As part of the SAP Security Patch Day in August 2020, SAP revealed this week the publication of 15 new Security Notes, including some covering significant vulnerabilities in NetWeaver.
The most important of these is a cross-site scripting (XSS) flaw in NetWeaver’s Knowledge Management feature. Tracked as CVE-2020-6284 and with priority in Hot News, the problem has a score of 9 in CVSS.
Knowledge management, a default feature of all SAP Enterprise Portal installations, allows users to manage multiform data sources, build and change content and directories, and upload files.

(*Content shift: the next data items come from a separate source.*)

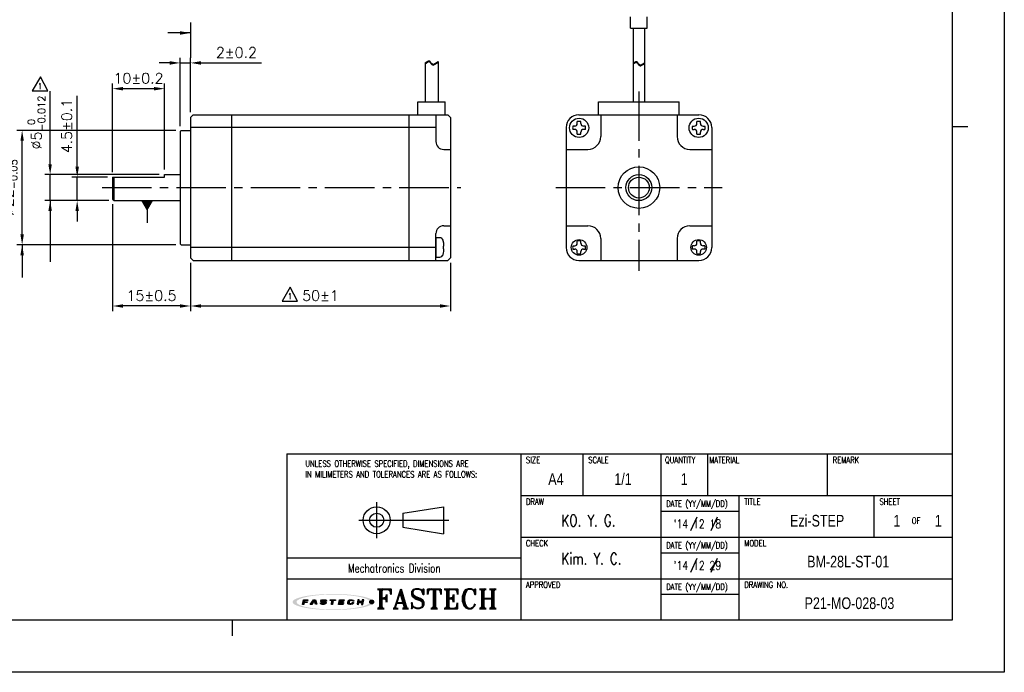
# Model space of a CAD drawing. Header units: millimetres. Extents: x 0 to 297, y 0 to 210.
# Tile 2 of 3: x 108 to 297, y 0 to 126. Entities that reach past the tile are written whole.
import ezdxf

# ---------------------------------------------------------------- set-up
doc = ezdxf.new("R2010")
doc.units = ezdxf.units.MM
doc.header["$PDSIZE"] = -1
doc.linetypes.add('CENTER2', pattern=[28.575, 19.05, -3.175, 3.175, -3.175])
doc.layers.add('\\M+5B4D6\\M+5CAB5\\M+5CFDF', color=7, linetype='Continuous', lineweight=25)
for name, color, linetype in [('DIM', 3, 'Continuous'), ('LAYER_2', 1, 'Continuous'), ('LAYER_4', 3, 'Continuous'), ('SHEET', 1, 'Continuous')]:
    doc.layers.add(name, color=color, linetype=linetype)
doc.styles.add('SHB', font='romans.shx', dxfattribs={"width": 0.75, "bigfont": 'whgtxt.shx'})
doc.styles.add('SHEET1', font='ROMANS.SHX', dxfattribs={"width": 0.8, "height": 3})
doc.styles.add('SHEET2', font='txt', dxfattribs={"width": 0.8, "height": 3})
doc.styles.add('SHEET3', font='ROMANT.SHX', dxfattribs={"height": 3})
doc.styles.get("Standard").update_dxf_attribs({"font": 'txt.shx', "bigfont": 'whgtxt.shx'})
doc.dimstyles.new('ISO-25', dxfattribs={"dimtxt": 2.5, "dimasz": 2.5, "dimexe": 1.25, "dimexo": 0.625, "dimtad": 1, "dimtxsty": 'Standard', "dimcen": 2.5, "dimadec": 0, "dimazin": 0, "dimtfac": 1, "dimtmove": 0, "dimatfit": 3, "dimfxl": 0, "dimarcsym": 0})

# ---------------------------------------------------------------- blocks, each defined once
blk = doc.blocks.new('AI9-BLK2')
at = {"layer": 'LAYER_4'}
h = blk.add_hatch(color=12, dxfattribs=at)
edge = h.paths.add_edge_path()
edge.add_spline(control_points=[(66.5, 0), (66.5, -3.5), (61.3, -5.3), (58.7, -6.3), (52, -8.8), (44.8, -10), (37.7, -11), (17.3, -13.9), (-3.7, -14.1), (-24.3, -12.5), (-32.9, -11.8), (-41.6, -10.8), (-50, -8.9), (-54.9, -7.7), (-60.6, -6.4), (-64.7, -3.2), (-73, 3.4), (-52.4, 8.3), (-49.2, 9), (-40.6, 10.9), (-31.8, 11.9), (-23.1, 12.6), (-12.4, 13.4), (-1.5, 13.6), (9.2, 13.3), (19.1, 13), (29, 12.3), (38.8, 10.9), (45.7, 9.9), (52.7, 8.7), (59.3, 6.1), (61.8, 5.2), (66.5, 3.3), (66.5, 0), (66.6, -0.8), (73.6, -0.7), (73.6, 0), (73.5, 3.5), (68.7, 5.4), (66.1, 6.4), (59.6, 9), (52.6, 10.3), (45.8, 11.3), (24.9, 14.6), (3.4, 15.1), (-17.7, 14), (-27.4, 13.6), (-37.2, 12.7), (-46.8, 11.2), (-53.5, 10.1), (-60.4, 8.7), (-66.7, 6.1), (-69.1, 5.1), (-73.9, 3.1), (-73.6, -0.3), (-73.4, -3.7), (-68.1, -5.6), (-65.5, -6.6), (-58.9, -9.2), (-51.8, -10.4), (-44.8, -11.5), (-35, -13), (-25, -13.7), (-15.1, -14.2), (5.8, -15), (27.1, -14.4), (47.8, -11), (54.2, -9.9), (60.6, -8.6), (66.6, -6.1), (69.1, -5.1), (73.5, -3.2), (73.6, 0), (73.6, 0.8), (66.6, 0.9), (66.5, 0)], knot_values=[0, 0, 0, 0, 1, 1, 1, 2, 2, 2, 3, 3, 3, 4, 4, 4, 5, 5, 5, 6, 6, 6, 7, 7, 7, 8, 8, 8, 9, 9, 9, 10, 10, 10, 11, 11, 11, 12, 12, 12, 13, 13, 13, 14, 14, 14, 15, 15, 15, 16, 16, 16, 17, 17, 17, 18, 18, 18, 19, 19, 19, 20, 20, 20, 21, 21, 21, 22, 22, 22, 23, 23, 23, 24, 24, 24, 25, 25, 25, 25], degree=3, periodic=0)
blk = doc.blocks.new('AI9-BLK1')
at = {"layer": 'LAYER_4', "color": 7}
blk.add_blockref('AI9-BLK2', (0, 0), dxfattribs=at)
blk = doc.blocks.new('AI9-BLK3')
at = {"layer": 'LAYER_2'}
for points in [[(-55.6, -4.3), (-54.1, 4.2), (-45.8, 4.1), (-46, 2.8), (-51.9, 2.8), (-52.2, 0.7), (-46.8, 0.6), (-47, -0.8), (-52.4, -0.8), (-53.1, -4.3)], [(-41.4, -4.2), (-35.7, 4.2), (-32.1, 4.2), (-29.5, -4.1), (-32.2, -4.1), (-34.2, 2.7), (-38.7, -4.2)], [(-5.3, 4.2), (4.3, 4.1), (4.1, 2.7), (0.4, 2.7), (-0.8, -4.2), (-3.2, -4.2), (-2.1, 2.7), (-5.6, 2.7)], [(11.4, 4.2), (20, 4.1), (19.8, 2.8), (13.7, 2.8), (13.4, 0.8), (19, 0.7), (18.8, -0.6), (13.1, -0.6), (12.7, -2.7), (18.7, -2.8), (18.5, -4.2), (9.9, -4.2)], [(45, 4.2), (43.5, -4.1), (46, -4.2), (46.6, -0.6), (52.3, -0.7), (51.7, -4.2), (54.1, -4.2), (55.6, 4.2), (53.1, 4.2), (52.5, 0.8), (46.9, 0.8), (47.5, 4.2)]]:
    blk.add_hatch(color=12, dxfattribs=at).paths.add_polyline_path(points)
h = blk.add_hatch(color=12, dxfattribs=at)
edge = h.paths.add_edge_path()
edge.add_spline(control_points=[(-15.2, -1.5), (-15.2, -2.9), (-16.3, -2.9), (-17.5, -2.9), (-17.7, -2.9), (-18.2, -2.9), (-18.5, -2.9), (-20, -2.9), (-20.4, -2.7), (-20.4, -2.1), (-20.4, -1.9), (-20.4, -1.4), (-20.4, -1.4), (-20.4, -1.4), (-22.9, -1.4), (-22.9, -1.4), (-22.9, -1.4), (-22.9, -2.3), (-22.9, -2.5), (-22.9, -3.9), (-21.3, -4.3), (-19.8, -4.3), (-19.5, -4.3), (-17.1, -4.3), (-16.9, -4.3), (-14.1, -4.3), (-12.8, -3.1), (-12.8, -1.8), (-12.8, -1.7), (-12.8, -1.1), (-12.8, -1), (-12.8, 0.2), (-14.1, 0.7), (-16.1, 0.7), (-16.3, 0.7), (-17.5, 0.7), (-17.7, 0.7), (-19.1, 0.7), (-19.7, 0.9), (-19.6, 1.9), (-19.5, 2.9), (-18.4, 2.9), (-17.8, 2.9), (-17.6, 2.9), (-16.5, 2.9), (-16.2, 2.9), (-15, 2.9), (-14.8, 2.6), (-14.8, 2.3), (-14.8, 2.1), (-14.9, 1.7), (-14.9, 1.7), (-14.9, 1.7), (-12.3, 1.6), (-12.3, 1.6), (-12.3, 1.6), (-12.3, 2.6), (-12.3, 2.8), (-12.3, 3.9), (-14.1, 4.3), (-15.7, 4.3), (-16.8, 4.3), (-17.9, 4.3), (-18.2, 4.3), (-20.4, 4.3), (-22, 3.6), (-22.1, 2), (-22.1, 1.8), (-22.1, 1.3), (-22.1, 1.1), (-22.2, -0.1), (-20.7, -0.6), (-19.2, -0.6), (-19, -0.6), (-17.3, -0.7), (-17.1, -0.7), (-15.5, -0.7), (-15.2, -1.1), (-15.2, -1.5)], knot_values=[0, 0, 0, 0, 1, 1, 1, 2, 2, 2, 3, 3, 3, 4, 4, 4, 5, 5, 5, 6, 6, 6, 7, 7, 7, 8, 8, 8, 9, 9, 9, 10, 10, 10, 11, 11, 11, 12, 12, 12, 13, 13, 13, 14, 14, 14, 15, 15, 15, 16, 16, 16, 17, 17, 17, 18, 18, 18, 19, 19, 19, 20, 20, 20, 21, 21, 21, 22, 22, 22, 23, 23, 23, 24, 24, 24, 25, 25, 25, 26, 26, 26, 26], degree=3, periodic=0)
h = blk.add_hatch(color=12, dxfattribs=at)
edge = h.paths.add_edge_path()
edge.add_spline(control_points=[(35, 1.4), (35, 1.4), (37.4, 1.4), (37.4, 1.4), (37.4, 1.4), (37.5, 2), (37.5, 2.4), (37.5, 3.1), (37.3, 4.2), (34.5, 4.2), (34.2, 4.2), (32.2, 4.2), (31.6, 4.2), (28.5, 4.3), (27.4, 2.7), (27.2, 1.5), (27.1, 1), (26.8, -0.6), (26.7, -1.2), (26.5, -2.6), (26.6, -4.3), (30.1, -4.3), (30.5, -4.3), (31.7, -4.3), (32.2, -4.3), (34.9, -4.3), (36.6, -4), (36.9, -2.3), (36.9, -1.9), (37, -1.1), (37, -1.1), (37, -1.1), (34.6, -1.1), (34.6, -1.1), (34.6, -1.1), (34.6, -1.6), (34.6, -1.7), (34.4, -2.5), (33.8, -2.8), (32.5, -2.8), (32.2, -2.8), (31.2, -2.8), (30.8, -2.8), (29.4, -2.8), (29.1, -2.3), (29.2, -1.4), (29.2, -1), (29.5, 0.7), (29.5, 1.1), (29.8, 2.5), (30.7, 2.8), (31.7, 2.8), (32.2, 2.8), (33.4, 2.8), (33.7, 2.8), (34.7, 2.8), (35.1, 2.5), (35.1, 1.9), (35, 1.7), (35, 1.4), (35, 1.4)], knot_values=[0, 0, 0, 0, 1, 1, 1, 2, 2, 2, 3, 3, 3, 4, 4, 4, 5, 5, 5, 6, 6, 6, 7, 7, 7, 8, 8, 8, 9, 9, 9, 10, 10, 10, 11, 11, 11, 12, 12, 12, 13, 13, 13, 14, 14, 14, 15, 15, 15, 16, 16, 16, 17, 17, 17, 18, 18, 18, 19, 19, 19, 20, 20, 20, 20], degree=3, periodic=0)
at = {"layer": 'LAYER_2', "color": 12}
for points in [[(-55.6, -4.3), (-54.1, 4.2), (-45.8, 4.1), (-46, 2.8), (-51.9, 2.8), (-52.2, 0.7), (-46.8, 0.6), (-47, -0.8), (-52.4, -0.8), (-53.1, -4.3)], [(-41.4, -4.2), (-35.7, 4.2), (-32.1, 4.2), (-29.5, -4.1), (-32.2, -4.1), (-34.2, 2.7), (-38.7, -4.2)], [(-5.3, 4.2), (4.3, 4.1), (4.1, 2.7), (0.4, 2.7), (-0.8, -4.2), (-3.2, -4.2), (-2.1, 2.7), (-5.6, 2.7)], [(11.4, 4.2), (20, 4.1), (19.8, 2.8), (13.7, 2.8), (13.4, 0.8), (19, 0.7), (18.8, -0.6), (13.1, -0.6), (12.7, -2.7), (18.7, -2.8), (18.5, -4.2), (9.9, -4.2)], [(45, 4.2), (43.5, -4.1), (46, -4.2), (46.6, -0.6), (52.3, -0.7), (51.7, -4.2), (54.1, -4.2), (55.6, 4.2), (53.1, 4.2), (52.5, 0.8), (46.9, 0.8), (47.5, 4.2)]]:
    blk.add_lwpolyline(points, close=True, dxfattribs=at)
for points, knots in [([(-15.2, -1.5), (-15.2, -2.9), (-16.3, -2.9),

The upload feature, reveals ERP cyber-security provider Onapsis, could be exploited to upload JavaScript code containing malicious HTML files to execute a stored XSS attack. The problem was due to an ineffective filtering system designed to prevent the upload of files with executable code inserted.
Successful exploitation of the vulnerability requires access to the malicious file by a user with administrative privileges that reduces the CVSS score to 9 — otherwise it would have been 9.9.
Another Hot News Security Note published on this Security Patch Day is an update to a July 2020 Security Note addressing a critical bug (CVSS score 10) in NetWeaver AS JAVA (LM Configuration Wizard) that is tracked as CVE-2020-6287 and also called RECON (Remotely Exploitable Code On NetWeaver).
SAP also published three High Priority Security Notes on the August 2020 Security Patch Day addressing vulnerabilities in NetWeaver: CVE-2020-6296 (CVSS score 8.3) – code injection in NetWeaver (ABAP) and ABAP Platform; CVE-2020-6309 (CVSS score 7.5) – missing authentication in NetWeaver AS JAVA; and CVE-2020-6293 (CVSS score 7.3) – uncontrolled upload of files to NetWeaver (Knowledge Management).
According to Onapsis, if a fix for the Knowledge Management Hot News bug is not implemented, then CVE-2020-6293 – which enables an intruder to build, change or remove files in the Knowledge Management portion – may be exploited without authentication, which significantly increases its CVSS score to 9.6, making it a critical bug.
SAP also published two High Priority Security Notes for patching incomplete authentication tests, one on the Business Objects Business Intelligence System – CVE-2020-6294 (CVSS score 8.5) – and one on the Banking Services (Generic Market Data) – CVE-2020-6298 (CVSS score 8.3) – and the other on the Adaptive Server Enterprise (CVSS score 7).
Exploitation of any of these bugs may lead to denial of service, leakage of mouse and keyboard activities and capability to record screenshots, reading Secure Business Partner Generic Market Data (GMD), or reading information in the installation log files.
All remaining Security Notes issued on Security Patch Day in August 2020 fix medium priority bugs, including XSS vulnerabilities in SAP Commerce, updated jQuery bundled with SAPUI5, and Business Objects Business Intelligence Platform (Central Management Console); disclosure of information in Data Intelligence, and NetWeaver (ABAP Server) and ABAP Platform; and incomplete authorization testing in ERP (HCM Travel Management) and S/4 HANA (Fiori UI for General Ledger Accounting).